TASK
After removing every image, reproduce the data exactly as it appears.

DATA SUPPLIED
• • • • •
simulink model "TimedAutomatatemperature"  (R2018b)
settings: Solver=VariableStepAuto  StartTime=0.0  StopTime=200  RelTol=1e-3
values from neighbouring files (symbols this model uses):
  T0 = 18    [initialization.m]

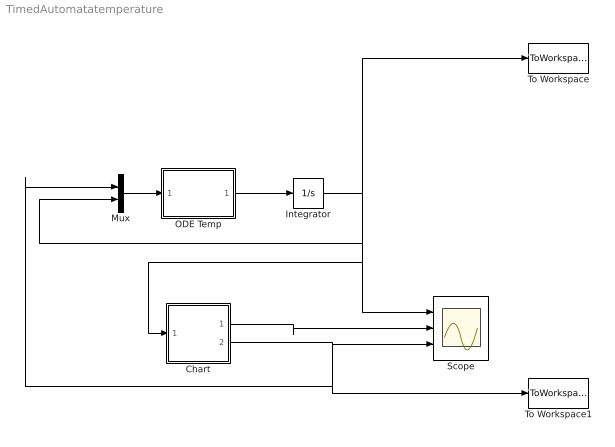
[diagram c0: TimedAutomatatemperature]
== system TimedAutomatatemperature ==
  Chart : Stateflow chart  TreatAsAtomicUnit=on
  Integrator : Integrator  InitialCondition=T0
  Mux : Mux  Inputs=2
  ODE Temp : MATLAB Function  TreatAsAtomicUnit=on
  Scope : Scope  NumInputPorts=3
  To Workspace : ToWorkspace  VariableName=T  SampleTime=-1
  To Workspace1 : ToWorkspace  VariableName=h  SampleTime=-1
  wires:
  ODE Temp/1(y) -> Integrator/1
  Integrator/1 -> Scope/1, Chart/1(T), Mux/2, To Workspace/1
  Mux/1 -> ODE Temp/1(u)
  Chart/1(s_out) -> Scope/2
  Chart/2(h) -> Mux/1, To Workspace1/1, Scope/3

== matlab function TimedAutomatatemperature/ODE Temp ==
function y = ODEtemp(u)
% Constant
a = 0.2;  % dec rate
k = 6;

% \var
h = u(1);
T = u(2);

% ODE equation 
dTdt =  -a * T + k * h;

y = [dTdt];

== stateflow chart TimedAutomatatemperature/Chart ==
  state cooling
    du:
    %derivatives
    s_dot = 1;
    %output
    h = 0;
    s_out = s;
  state heating
    du:
    %derivatives
    s_dot = 1;
    %output
    h = 1;
    s_out = s;
  (default) -> cooling : {s=5}
  cooling -> heating : [T <= 20 && s> 5]{s = 0;}
  heating -> cooling : [T >=20 && s>5]{s = 0;}
  data: s local double; s_out output double; T input double; h output
• • • • •
RESPONSE TO THE TASK
simulink model "TimedAutomatatemperature"  (R2018b)
settings: Solver=VariableStepAuto  StartTime=0.0  StopTime=200  RelTol=1e-3
values from neighbouring files (symbols this model uses):
  T0 = 18    [initialization.m]

[diagram c0: TimedAutomatatemperature]
== system TimedAutomatatemperature ==
  Chart : Stateflow chart  TreatAsAtomicUnit=on
  Integrator : Integrator  InitialCondition=T0
  Mux : Mux  Inputs=2
  ODE Temp : MATLAB Function  TreatAsAtomicUnit=on
  Scope : Scope  NumInputPorts=3
  To Workspace : ToWorkspace  VariableName=T  SampleTime=-1
  To Workspace1 : ToWorkspace  VariableName=h  SampleTime=-1
  wires:
  ODE Temp/1(y) -> Integrator/1
  Integrator/1 -> Scope/1, Chart/1(T), Mux/2, To Workspace/1
  Mux/1 -> ODE Temp/1(u)
  Chart/1(s_out) -> Scope/2
  Chart/2(h) -> Mux/1, To Workspace1/1, Scope/3

== matlab function TimedAutomatatemperature/ODE Temp ==
function y = ODEtemp(u)
% Constant
a = 0.2;  % dec rate
k = 6;

% \var
h = u(1);
T = u(2);

% ODE equation 
dTdt =  -a * T + k * h;

y = [dTdt];

== stateflow chart TimedAutomatatemperature/Chart ==
  state cooling
    du:
    %derivatives
    s_dot = 1;
    %output
    h = 0;
    s_out = s;
  state heating
    du:
    %derivatives
    s_dot = 1;
    %output
    h = 1;
    s_out = s;
  (default) -> cooling : {s=5}
  cooling -> heating : [T <= 20 && s> 5]{s = 0;}
  heating -> cooling : [T >=20 && s>5]{s = 0;}
  data: s local double; s_out output double; T input double; h output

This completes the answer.